Vulcanops Temporal range: Lower Miocene PreꞒ Ꞓ O S D C P T J K Pg N

Scientific classification
- Kingdom: Animalia
- Phylum: Chordata
- Class: Mammalia
- Order: Chiroptera
- Family: Mystacinidae
- Genus: †Vulcanops Hand et al. 2018
- Species: †V. jennyworthyae
- Binomial name: †Vulcanops jennyworthyae Hand et al. 2018

= Vulcanops =

- Authority: Hand et al. 2018
- Parent authority: Hand et al. 2018

Extinct species of bat

Vulcanops jennyworthyae is an extinct species of bat that lived during the Miocene in New Zealand, a large burrowing microchiropteran that probably ate arthropods and plant material around twenty million years before present. It is the type and only described species of the genus Vulcanops.

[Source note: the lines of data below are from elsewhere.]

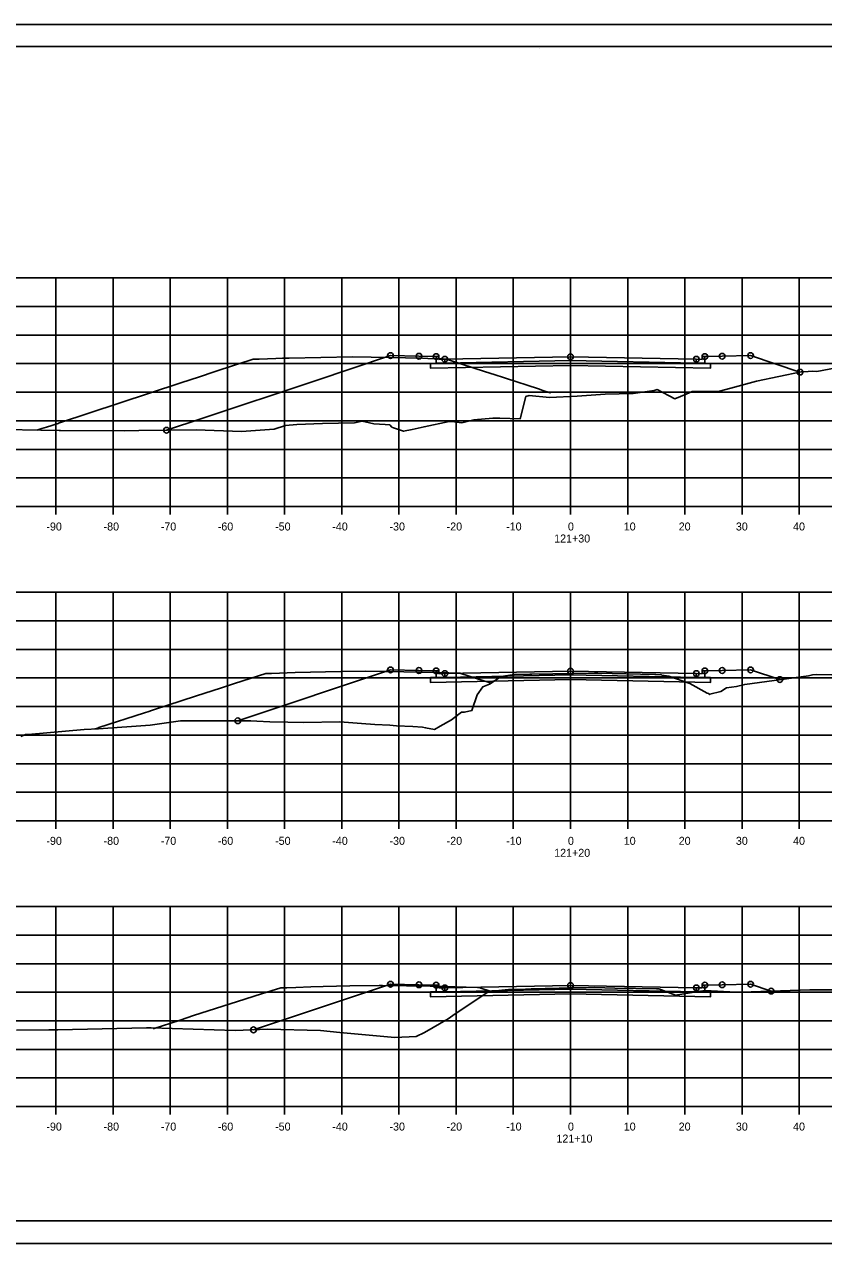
# Model space of a CAD drawing. Extents: x 1202951 to 1376887, y 378065 to 728038.
# Drawn here: x 1373001.6 to 1373141.4, y 380522.4 to 380735.8 of the extents above; entities that cross this region are included whole.
import ezdxf

# ---------------------------------------------------------------- set-up
doc = ezdxf.new("R2010")
doc.units = 0
for name, color, linetype in [('Default', 7, 'Continuous'), ('R_Alt Surface', 7, 'Continuous'), ('R_Axis', 7, 'Continuous'), ('R_Axis Annot', 7, 'Continuous'), ('R_Exist Surface', 7, 'Continuous'), ('R_Fin Surface', 7, 'Continuous'), ('R_Grid', 7, 'Continuous'), ('R_No Plot', 7, 'Continuous')]:
    doc.layers.add(name, color=color, linetype=linetype)

msp = doc.modelspace()

# ---------------------------------------------------------------- linework, layer by layer
at = {"layer": 'Default'}
for points in [[(1373073.63, 380677.64), (1373074.12, 380677.64), (1373074.13, 380677.14), (1373075.13, 380677.16), (1373075.13, 380676.49), (1373073.63, 380676.46)], [(1373120.63, 380677.64), (1373120.14, 380677.64), (1373120.13, 380677.14), (1373119.13, 380677.16), (1373119.13, 380676.49), (1373120.63, 380676.46)], [(1373073.63, 380622.64), (1373074.12, 380622.64), (1373074.13, 380622.14), (1373075.13, 380622.16), (1373075.13, 380621.5), (1373073.63, 380621.47)], [(1373120.63, 380622.64), (1373120.14, 380622.64), (1373120.13, 380622.14), (1373119.13, 380622.16), (1373119.13, 380621.5), (1373120.63, 380621.47)], [(1373073.63, 380567.65), (1373074.12, 380567.65), (1373074.13, 380567.15), (1373075.13, 380567.17), (1373075.13, 380566.5), (1373073.63, 380566.47)], [(1373120.63, 380567.65), (1373120.14, 380567.65), (1373120.13, 380567.15), (1373119.13, 380567.17), (1373119.13, 380566.5), (1373120.63, 380566.47)]]:
    msp.add_lwpolyline(points, close=True, dxfattribs=at)
at = {"layer": 'R_Alt Surface'}
for points in [[(1373073.63, 380677.64), (1373073.63, 380676.46), (1373075.13, 380676.49), (1373097.13, 380676.93), (1373119.13, 380676.49), (1373120.63, 380676.46), (1373120.63, 380677.64)], [(1373073.63, 380622.64), (1373073.63, 380621.47), (1373075.13, 380621.5), (1373097.13, 380621.94), (1373119.13, 380621.5), (1373120.63, 380621.47), (1373120.63, 380622.64)], [(1373073.63, 380567.65), (1373073.63, 380566.47), (1373075.13, 380566.5), (1373097.13, 380566.94), (1373119.13, 380566.5), (1373120.63, 380566.47), (1373120.63, 380567.65)]]:
    msp.add_lwpolyline(points, dxfattribs=at)
for points in [[(1373075.13, 380677.16), (1373075.13, 380676.49), (1373097.13, 380676.93), (1373119.13, 380676.49), (1373119.13, 380677.16), (1373119.13, 380677.16), (1373097.13, 380677.6), (1373075.13, 380677.16)], [(1373097.13, 380676.93), (1373075.13, 380676.49), (1373073.63, 380676.46), (1373072.63, 380676.44), (1373072.63, 380675.61), (1373097.13, 380676.1), (1373121.63, 380675.61), (1373121.63, 380676.44), (1373120.63, 380676.46), (1373119.13, 380676.49)], [(1373075.13, 380622.16), (1373075.13, 380621.5), (1373097.13, 380621.94), (1373119.13, 380621.5), (1373119.13, 380622.16), (1373119.13, 380622.16), (1373097.13, 380622.6), (1373075.13, 380622.16)], [(1373097.13, 380621.94), (1373075.13, 380621.5), (1373073.63, 380621.47), (1373072.63, 380621.45), (1373072.63, 380620.61), (1373097.13, 380621.1), (1373121.63, 380620.61), (1373121.63, 380621.45), (1373120.63, 380621.47), (1373119.13, 380621.5)], [(1373097.13, 380566.94), (1373075.13, 380566.5), (1373073.63, 380566.47), (1373072.63, 380566.45), (1373072.63, 380565.62), (1373097.13, 380566.11), (1373121.63, 380565.62), (1373121.63, 380566.45), (1373120.63, 380566.47), (1373119.13, 380566.5)], [(1373075.13, 380567.17), (1373075.13, 380566.5), (1373097.13, 380566.94), (1373119.13, 380566.5), (1373119.13, 380567.17), (1373119.13, 380567.17), (1373097.13, 380567.61), (1373075.13, 380567.17)]]:
    msp.add_lwpolyline(points, close=True, dxfattribs=at)
at = {"layer": 'R_Axis'}
for p, q in [((1372947.13, 380651.4), (1373247.13, 380651.4)), ((1373007.13, 380650), (1373007.13, 380651.4)), ((1373017.13, 380650), (1373017.13, 380651.4)), ((1373027.13, 380650), (1373027.13, 380651.4)), ((1373037.13, 380650), (1373037.13, 380651.4)), ((1373047.13, 380650), (1373047.13, 380651.4)), ((1373057.13, 380650), (1373057.13, 380651.4)), ((1373067.13, 380650), (1373067.13, 380651.4)), ((1373077.13, 380650), (1373077.13, 380651.4)), ((1373087.13, 380650), (1373087.13, 380651.4)), ((1373097.13, 380650), (1373097.13, 380651.4)), ((1373107.13, 380650), (1373107.13, 380651.4)), ((1373117.13, 380650), (1373117.13, 380651.4)), ((1373127.13, 380650), (1373127.13, 380651.4)), ((1373137.13, 380650), (1373137.13, 380651.4)), ((1372947.13, 380596.4), (1373247.13, 380596.4)), ((1373007.13, 380595), (1373007.13, 380596.4)), ((1373017.13, 380595), (1373017.13, 380596.4)), ((1373027.13, 380595), (1373027.13, 380596.4)), ((1373037.13, 380595), (1373037.13, 380596.4)), ((1373047.13, 380595), (1373047.13, 380596.4)), ((1373057.13, 380595), (1373057.13, 380596.4)), ((1373067.13, 380595), (1373067.13, 380596.4)), ((1373077.13, 380595), (1373077.13, 380596.4)), ((1373087.13, 380595), (1373087.13, 380596.4)), ((1373097.13, 380595), (1373097.13, 380596.4)), ((1373107.13, 380595), (1373107.13, 380596.4)), ((1373117.13, 380595), (1373117.13, 380596.4)), ((1373127.13, 380595), (1373127.13, 380596.4)), ((1373137.13, 380595), (1373137.13, 380596.4)), ((1372947.13, 380546.4), (1373247.13, 380546.4)), ((1373007.13, 380545), (1373007.13, 380546.4)), ((1373017.13, 380545), (1373017.13, 380546.4)), ((1373027.13, 380545), (1373027.13, 380546.4)), ((1373037.13, 380545), (1373037.13, 380546.4)), ((1373047.13, 380545), (1373047.13, 380546.4)), ((1373057.13, 380545), (1373057.13, 380546.4)), ((1373067.13, 380545), (1373067.13, 380546.4)), ((1373077.13, 380545), (1373077.13, 380546.4)), ((1373087.13, 380545), (1373087.13, 380546.4)), ((1373097.13, 380545), (1373097.13, 380546.4)), ((1373107.13, 380545), (1373107.13, 380546.4)), ((1373117.13, 380545), (1373117.13, 380546.4)), ((1373127.13, 380545), (1373127.13, 380546.4)), ((1373137.13, 380545), (1373137.13, 380546.4))]:
    msp.add_line(p, q, dxfattribs=at)
at = {"layer": 'R_Exist Surface'}
for points in [[(1373003.77, 380664.76), (1373004.67, 380665.04), (1373005.5, 380665.31), (1373007.53, 380665.95), (1373007.61, 380665.97), (1373028.96, 380673.01), (1373032.24, 380674.1), (1373034.84, 380674.94), (1373038.54, 380676.17), (1373040.95, 380676.96), (1373041.66, 380677.2), (1373042.35, 380677.2), (1373042.68, 380677.2), (1373045.6, 380677.31), (1373046.75, 380677.36), (1373047.47, 380677.37), (1373047.91, 380677.38), (1373059, 380677.6), (1373062.29, 380677.53), (1373071.27, 380677.36), (1373072.2, 380677.32), (1373074.87, 380677.22), (1373075.37, 380677.2), (1373075.52, 380677.15), (1373075.96, 380677.01), (1373082.11, 380675.02), (1373083.96, 380674.43), (1373084.49, 380674.26), (1373084.86, 380674.14), (1373085.4, 380673.98), (1373085.76, 380673.86), (1373091.53, 380671.97), (1373092.31, 380671.71), (1373093.6, 380671.29), (1373093.62, 380671.29)], [(1373026.48, 380664.75), (1373032.64, 380666.8), (1373052.29, 380673.35), (1373065.63, 380677.8), (1373070.63, 380677.7), (1373073.63, 380677.64), (1373074.12, 380677.64), (1373074.13, 380677.14), (1373075.13, 380677.16), (1373097.13, 380677.6), (1373119.13, 380677.16), (1373120.13, 380677.14), (1373120.14, 380677.64), (1373120.63, 380677.64), (1373123.63, 380677.7), (1373128.63, 380677.8), (1373137.26, 380674.92)], [(1372994.79, 380664.92), (1373007.71, 380664.67), (1373007.91, 380664.67), (1373007.95, 380664.67), (1373019.17, 380664.64), (1373021.65, 380664.67), (1373031.69, 380664.84), (1373039.59, 380664.51), (1373045.32, 380664.94), (1373047.26, 380665.55), (1373049.27, 380665.72), (1373053.73, 380665.9), (1373059.36, 380666.05), (1373060.7, 380666.31), (1373062.73, 380665.87), (1373064.71, 380665.75), (1373065.53, 380665.7), (1373065.9, 380665.26), (1373066.18, 380665.15), (1373067.95, 380664.58), (1373069.43, 380664.85), (1373071.52, 380665.34), (1373075.89, 380666.27), (1373076.04, 380666.26), (1373076.45, 380666.27), (1373078.04, 380666.02), (1373078.38, 380666.12), (1373080.2, 380666.54), (1373083.55, 380666.84), (1373084.77, 380666.84), (1373088.3, 380666.72), (1373089.3, 380670.62), (1373089.92, 380670.85), (1373093.43, 380670.45), (1373098.32, 380670.69), (1373103.2, 380671.04), (1373108.07, 380671.18), (1373111.76, 380671.7), (1373112.28, 380671.85), (1373115.38, 380670.24), (1373117.33, 380671.03), (1373118.41, 380671.53), (1373123.19, 380671.59), (1373125.15, 380672.12), (1373129.66, 380673.32), (1373137.49, 380674.97), (1373138.67, 380675), (1373139.46, 380675.07), (1373140.18, 380675.02), (1373144.83, 380675.88)], [(1373001, 380611.13), (1373001.8, 380611.49), (1373002.27, 380611.52), (1373012.07, 380612.38), (1373014.58, 380612.52), (1373023.61, 380613.12), (1373028.93, 380613.88), (1373033.88, 380613.9), (1373041.22, 380613.91), (1373042.27, 380613.86), (1373044.56, 380613.73), (1373047.68, 380613.65), (1373050.42, 380613.59), (1373056.77, 380613.7), (1373060.56, 380613.42), (1373062.93, 380613.28), (1373065.53, 380613.11), (1373066.72, 380613.05), (1373069.57, 380612.91), (1373071.26, 380612.77), (1373071.78, 380612.68), (1373073.36, 380612.36), (1373074.35, 380612.98), (1373076.34, 380614.08), (1373077.61, 380615.04), (1373078.09, 380615.39), (1373078.57, 380615.4), (1373079.89, 380615.68), (1373080.8, 380618.44), (1373081.79, 380619.85), (1373082.97, 380620.3), (1373085, 380621.63), (1373085.39, 380621.7), (1373087.27, 380621.99), (1373090.01, 380622.05), (1373090.12, 380622.05), (1373090.37, 380622.06), (1373101.33, 380622.24), (1373101.34, 380622.24), (1373101.9, 380622.23), (1373111.85, 380621.99), (1373111.96, 380621.99), (1373112.06, 380621.98), (1373113.04, 380621.95), (1373113.1, 380621.89), (1373114.3, 380621.73), (1373118.02, 380620.44), (1373121.02, 380618.76), (1373121.24, 380618.66), (1373121.47, 380618.48), (1373121.5, 380618.58), (1373123.42, 380619.05), (1373124.43, 380619.68), (1373126.18, 380619.92), (1373127.61, 380620.26), (1373138.73, 380621.79), (1373139.47, 380621.94), (1373140.15, 380621.99), (1373153.6, 380621.73)], [(1373013.93, 380612.48), (1373014.2, 380612.56), (1373014.23, 380612.57), (1373014.23, 380612.57), (1373014.6, 380612.7), (1373014.66, 380612.71), (1373022.6, 380615.29), (1373023.36, 380615.54), (1373023.86, 380615.71), (1373024.53, 380615.93), (1373026.55, 380616.59), (1373031.72, 380618.26), (1373035.9, 380619.63), (1373038.34, 380620.42), (1373043.82, 380622.2), (1373043.88, 380622.2), (1373044.66, 380622.2), (1373044.84, 380622.2), (1373044.84, 380622.2), (1373044.85, 380622.2), (1373044.85, 380622.2), (1373044.85, 380622.2), (1373048.97, 380622.36), (1373056.95, 380622.52), (1373061.36, 380622.6), (1373067.96, 380622.47), (1373070.66, 380622.42), (1373073.79, 380622.36), (1373077.88, 380622.21), (1373077.94, 380622.2), (1373080.53, 380621.37), (1373082.9, 380620.62), (1373083.27, 380620.5)], [(1373038.94, 380613.91), (1373065.63, 380622.8), (1373070.63, 380622.7), (1373073.63, 380622.64), (1373074.12, 380622.64), (1373074.13, 380622.14), (1373075.13, 380622.16), (1373097.13, 380622.6), (1373119.13, 380622.16), (1373120.13, 380622.14), (1373120.14, 380622.64), (1373120.63, 380622.64), (1373123.63, 380622.7), (1373128.63, 380622.8), (1373133.73, 380621.11)], [(1373000.23, 380559.78), (1373005.9, 380559.82), (1373007.5, 380559.81), (1373022.95, 380560.18), (1373023.53, 380560.18), (1373023.77, 380560.18), (1373038.47, 380559.69), (1373044.12, 380559.93), (1373053.38, 380559.72), (1373056.8, 380559.35), (1373066.41, 380558.5), (1373070.16, 380558.64), (1373071.58, 380559.36), (1373075.71, 380561.73), (1373076.94, 380562.6), (1373082.84, 380566.56), (1373086.28, 380566.9), (1373087.14, 380566.86), (1373088.2, 380566.89), (1373090.23, 380567.01), (1373097.57, 380567.16), (1373101.36, 380567.22), (1373104.87, 380567.14), (1373112.16, 380567), (1373112.56, 380566.98), (1373115.51, 380565.92), (1373120.63, 380566.71), (1373126.1, 380566.44), (1373128.71, 380566.5), (1373138.98, 380566.82), (1373149.61, 380566.85)], [(1373024.14, 380560.02), (1373028.86, 380561.54), (1373031.22, 380562.31), (1373038.92, 380564.78), (1373043.1, 380566.12), (1373046.49, 380567.2), (1373047.19, 380567.2), (1373047.53, 380567.2), (1373049.1, 380567.26), (1373051.7, 380567.36), (1373053.85, 380567.41), (1373058.55, 380567.5), (1373063.65, 380567.59), (1373064.26, 380567.61), (1373072.61, 380567.45), (1373076.9, 380567.37), (1373080.85, 380567.22), (1373081.13, 380567.21), (1373081.46, 380567.1), (1373083.1, 380566.59)], [(1373041.69, 380559.83), (1373065.63, 380567.81), (1373070.63, 380567.71), (1373073.63, 380567.65), (1373074.12, 380567.65), (1373074.13, 380567.15), (1373075.13, 380567.17), (1373097.13, 380567.61), (1373119.13, 380567.17), (1373120.13, 380567.15), (1373120.14, 380567.65), (1373120.63, 380567.65), (1373123.63, 380567.71), (1373128.63, 380567.81), (1373132.22, 380566.61)]]:
    msp.add_lwpolyline(points, dxfattribs=at)
at = {"layer": 'R_Fin Surface'}
for points in [[(1373065.63, 380677.8), (1373070.63, 380677.7), (1373073.63, 380677.64), (1373074.12, 380677.64), (1373074.13, 380677.14), (1373075.13, 380677.16), (1373075.13, 380677.16), (1373097.13, 380677.6), (1373119.13, 380677.16), (1373119.13, 380677.16), (1373120.13, 380677.14), (1373120.14, 380677.64), (1373120.63, 380677.64), (1373123.63, 380677.7), (1373128.63, 380677.8)], [(1373065.63, 380622.8), (1373070.63, 380622.7), (1373073.63, 380622.64), (1373074.12, 380622.64), (1373074.13, 380622.14), (1373075.13, 380622.16), (1373075.13, 380622.16), (1373097.13, 380622.6), (1373119.13, 380622.16), (1373119.13, 380622.16), (1373120.13, 380622.14), (1373120.14, 380622.64), (1373120.63, 380622.64), (1373123.63, 380622.7), (1373128.63, 380622.8)], [(1373065.63, 380567.81), (1373070.63, 380567.71), (1373073.63, 380567.65), (1373074.12, 380567.65), (1373074.13, 380567.15), (1373075.13, 380567.17), (1373075.13, 380567.17), (1373097.13, 380567.61), (1373119.13, 380567.17), (1373119.13, 380567.17), (1373120.13, 380567.15), (1373120.14, 380567.65), (1373120.63, 380567.65), (1373123.63, 380567.71), (1373128.63, 380567.81)]]:
    msp.add_lwpolyline(points, dxfattribs=at)
at = {"layer": 'R_Grid'}
for p, q in [((1372947.13, 380691.4), (1373247.13, 380691.4)), ((1373007.13, 380651.4), (1373007.13, 380691.4)), ((1373017.13, 380651.4), (1373017.13, 380691.4)), ((1373027.13, 380651.4), (1373027.13, 380691.4)), ((1373037.13, 380651.4), (1373037.13, 380691.4)), ((1373047.13, 380651.4), (1373047.13, 380691.4)), ((1373057.13, 380651.4), (1373057.13, 380691.4)), ((1373067.13, 380651.4), (1373067.13, 380691.4)), ((1373077.13, 380651.4), (1373077.13, 380691.4)), ((1373087.13, 380651.4), (1373087.13, 380691.4)), ((1373097.13, 380651.4), (1373097.13, 380691.4)), ((1373107.13, 380651.4), (1373107.13, 380691.4)), ((1373117.13, 380651.4), (1373117.13, 380691.4)), ((1373127.13, 380651.4), (1373127.13, 380691.4)), ((1373137.13, 380651.4), (1373137.13, 380691.4)), ((1372947.13, 380686.4), (1373247.13, 380686.4)), ((1372947.13, 380681.4), (1373247.13, 380681.4)), ((1372947.13, 380676.4), (1373247.13, 380676.4)), ((1372947.13, 380671.4), (1373247.13, 380671.4)), ((1372947.13, 380666.4), (1373247.13, 380666.4)), ((1372947.13, 380661.4), (1373247.13, 380661.4)), ((1372947.13, 380656.4), (1373247.13, 380656.4)), ((1372947.13, 380651.4), (1373247.13, 380651.4)), ((1372947.13, 380636.4), (1373247.13, 380636.4)), ((1373007.13, 380596.4), (1373007.13, 380636.4)), ((1373017.13, 380596.4), (1373017.13, 380636.4)), ((1373027.13, 380596.4), (1373027.13, 380636.4)), ((1373037.13, 380596.4), (1373037.13, 380636.4)), ((1373047.13, 380596.4), (1373047.13, 380636.4)), ((1373057.13, 380596.4), (1373057.13, 380636.4)), ((1373067.13, 380596.4), (1373067.13, 380636.4)), ((1373077.13, 380596.4), (1373077.13, 380636.4)), ((1373087.13, 380596.4), (1373087.13, 380636.4)), ((1373097.13, 380596.4), (1373097.13, 380636.4)), ((1373107.13, 380596.4), (1373107.13, 380636.4)), ((1373117.13, 380596.4), (1373117.13, 380636.4)), ((1373127.13, 380596.4), (1373127.13, 380636.4)), ((1373137.13, 380596.4), (1373137.13, 380636.4)), ((1372947.13, 380631.4), (1373247.13, 380631.4)), ((1372947.13, 380626.4), (1373247.13, 380626.4)), ((1372947.13, 380621.4), (1373247.13, 380621.4)), ((1372947.13, 380616.4), (1373247.13, 380616.4)), ((1372947.13, 380611.4), (1373247.13, 380611.4)), ((1372947.13, 380606.4), (1373247.13, 380606.4)), ((1372947.13, 380601.4), (1373247.13, 380601.4)), ((1372947.13, 380596.4), (1373247.13, 380596.4)), ((1372947.13, 380581.4), (1373247.13, 380581.4)), ((1373007.13, 380546.4), (1373007.13, 380581.4)), ((1373017.13, 380546.4), (1373017.13, 380581.4)), ((1373027.13, 380546.4), (1373027.13, 380581.4)), ((1373037.13, 380546.4), (1373037.13, 380581.4)), ((1373047.13, 380546.4), (1373047.13, 380581.4)), ((1373057.13, 380546.4), (1373057.13, 380581.4)), ((1373067.13, 380546.4), (1373067.13, 380581.4)), ((1373077.13, 380546.4), (1373077.13, 380581.4)), ((1373087.13, 380546.4), (1373087.13, 380581.4)), ((1373097.13, 380546.4), (1373097.13, 380581.4)), ((1373107.13, 380546.4), (1373107.13, 380581.4)), ((1373117.13, 380546.4), (1373117.13, 380581.4)), ((1373127.13, 380546.4), (1373127.13, 380581.4)), ((1373137.13, 380546.4), (1373137.13, 380581.4)), ((1372947.13, 380576.4), (1373247.13, 380576.4)), ((1372947.13, 380571.4), (1373247.13, 380571.4)), ((1372947.13, 380566.4), (1373247.13, 380566.4)), ((1372947.13, 380561.4), (1373247.13, 380561.4)), ((1372947.13, 380556.4), (1373247.13, 380556.4)), ((1372947.13, 380551.4), (1373247.13, 380551.4)), ((1372947.13, 380546.4), (1373247.13, 380546.4))]:
    msp.add_line(p, q, dxfattribs=at)
at = {"layer": 'R_No Plot'}
for p, q in [((1372926.73, 380735.76), (1373260.07, 380735.76)), ((1372939.13, 380731.86), (1373255.31, 380731.86)), ((1373091.65, 380731.6), (1373091.65, 380731.6)), ((1373091.65, 380731.6), (1373091.65, 380731.6)), ((1373255.31, 380526.4), (1372939.13, 380526.4)), ((1372926.73, 380522.43), (1373260.07, 380522.43))]:
    msp.add_line(p, q, dxfattribs=at)
for points in [[(1372926.73, 380735.76), (1373260.07, 380735.76), (1373260.07, 380522.42), (1372926.73, 380522.42)], [(1373173.05, 380731.86), (1373192.67, 380731.86), (1373192.67, 380721.98), (1373208.79, 380721.98), (1373231.99, 380721.98), (1373231.99, 380697.65), (1373255.31, 380697.65), (1373255.31, 380526.4), (1372939.13, 380526.4), (1372939.13, 380731.86)]]:
    msp.add_lwpolyline(points, close=True, dxfattribs=at)
for centre in [(1373065.63, 380677.8), (1373070.63, 380677.7), (1373073.63, 380677.64), (1373075.13, 380677.16), (1373097.13, 380677.6), (1373119.13, 380677.16), (1373120.63, 380677.64), (1373123.63, 380677.7), (1373128.63, 380677.8), (1373137.26, 380674.92), (1373026.48, 380664.75), (1373065.63, 380622.8), (1373070.63, 380622.7), (1373073.63, 380622.64), (1373075.13, 380622.16), (1373097.13, 380622.6), (1373119.13, 380622.16), (1373120.63, 380622.64), (1373123.63, 380622.7), (1373128.63, 380622.8), (1373133.73, 380621.11), (1373038.94, 380613.91), (1373065.63, 380567.81), (1373070.63, 380567.71), (1373073.63, 380567.65), (1373075.13, 380567.17), (1373097.13, 380567.61), (1373119.13, 380567.17), (1373120.63, 380567.65), (1373123.63, 380567.71), (1373128.63, 380567.81), (1373132.22, 380566.61), (1373041.69, 380559.83)]:
    msp.add_circle(centre, 0.5, dxfattribs=at)

# ---------------------------------------------------------------- texts
at = {"layer": 'R_Axis Annot'}
for s, p in [('-90', (1373005.47, 380647.2)), ('-80', (1373015.47, 380647.2)), ('-70', (1373025.47, 380647.2)), ('-60', (1373035.44, 380647.2)), ('-50', (1373045.47, 380647.2)), ('-40', (1373055.47, 380647.2)), ('-30', (1373065.47, 380647.2)), ('-20', (1373075.47, 380647.2)), ('-10', (1373085.87, 380647.2)), ('0', (1373096.68, 380647.2)), ('10', (1373106.44, 380647.2)), ('20', (1373116.05, 380647.2)), ('30', (1373126.05, 380647.2)), ('40', (1373136.05, 380647.2)), ('121+30', (1373094.27, 380645.1)), ('-90', (1373005.47, 380592.2)), ('-80', (1373015.47, 380592.2)), ('-70', (1373025.47, 380592.2)), ('-60', (1373035.44, 380592.2)), ('-50', (1373045.47, 380592.2)), ('-40', (1373055.47, 380592.2)), ('-30', (1373065.47, 380592.2)), ('-20', (1373075.47, 380592.2)), ('-10', (1373085.87, 380592.2)), ('0', (1373096.68, 380592.2)), ('10', (1373106.44, 380592.2)), ('20', (1373116.05, 380592.2)), ('30', (1373126.05, 380592.2)), ('40', (1373136.05, 380592.2)), ('121+20', (1373094.27, 380590.1)), ('-90', (1373005.47, 380542.2)), ('-80', (1373015.47, 380542.2)), ('-70', (1373025.47, 380542.2)), ('-60', (1373035.44, 380542.2)), ('-50', (1373045.47, 380542.2)), ('-40', (1373055.47, 380542.2)), ('-30', (1373065.47, 380542.2)), ('-20', (1373075.47, 380542.2)), ('-10', (1373085.87, 380542.2)), ('0', (1373096.68, 380542.2)), ('10', (1373106.44, 380542.2)), ('20', (1373116.05, 380542.2)), ('30', (1373126.05, 380542.2)), ('40', (1373136.05, 380542.2)), ('121+10', (1373094.67, 380540.1))]:
    msp.add_text(s, height=1.4, dxfattribs=at).set_placement(p)

doc.saveas('drawing.dxf')

==Taxonomy and etymology==
Vulcanops jennyworthyae was described in 2018 from fossilized teeth and bone fragments.
The new genus and species were placed within the family Mystacinidae, commonly called the burrowing bats.
The genus name "Vulcanops" is derived from the Roman god of fire and volcanoes, Vulcan.
The suffix "-ops" is commonly used for bat genera.
"Vulcan" was chosen in homage to the tectonic nature of New Zealand, as well as a historic hotel, Vulcan Hotel, in the mining town of Saint Bathans.
The eponym for the specific epithet "jennyworthyae" is Jennifer P. Worthy "in recognition of her pivotal role in revealing the diversity of the St Bathans Fauna."
Jennifer Worthy is the scientist who discovered the fossils of V. jennyworthyae.
The fossilized remains were found in sediments approximately 16-19 million years old.

==Description==
Based on the mean of several extrapolations from the size of its teeth, Vulcanops jennyworthyae would have weighed slightly less than 40 g.
Its body mass would be three times the average size of modern bats.
It is the largest bat of its family ever described.

==Biology and ecology==
The presence of a large hypocone on its upper molars indicates that it was not strictly carnivorous.
A large, blunt hypocone is indicative of herbivory.
It would have lived among the trees while also foraging on the ground.
It likely consumed invertebrates such as insects and spiders.

Their diet likely included a range of animals and plants and more closely resembled that of distantly related South American Yangochiroptera species than other Mystacinidae, consuming greater amounts of plant-based foods than the smaller and more carnivorous modern Mystacinid species.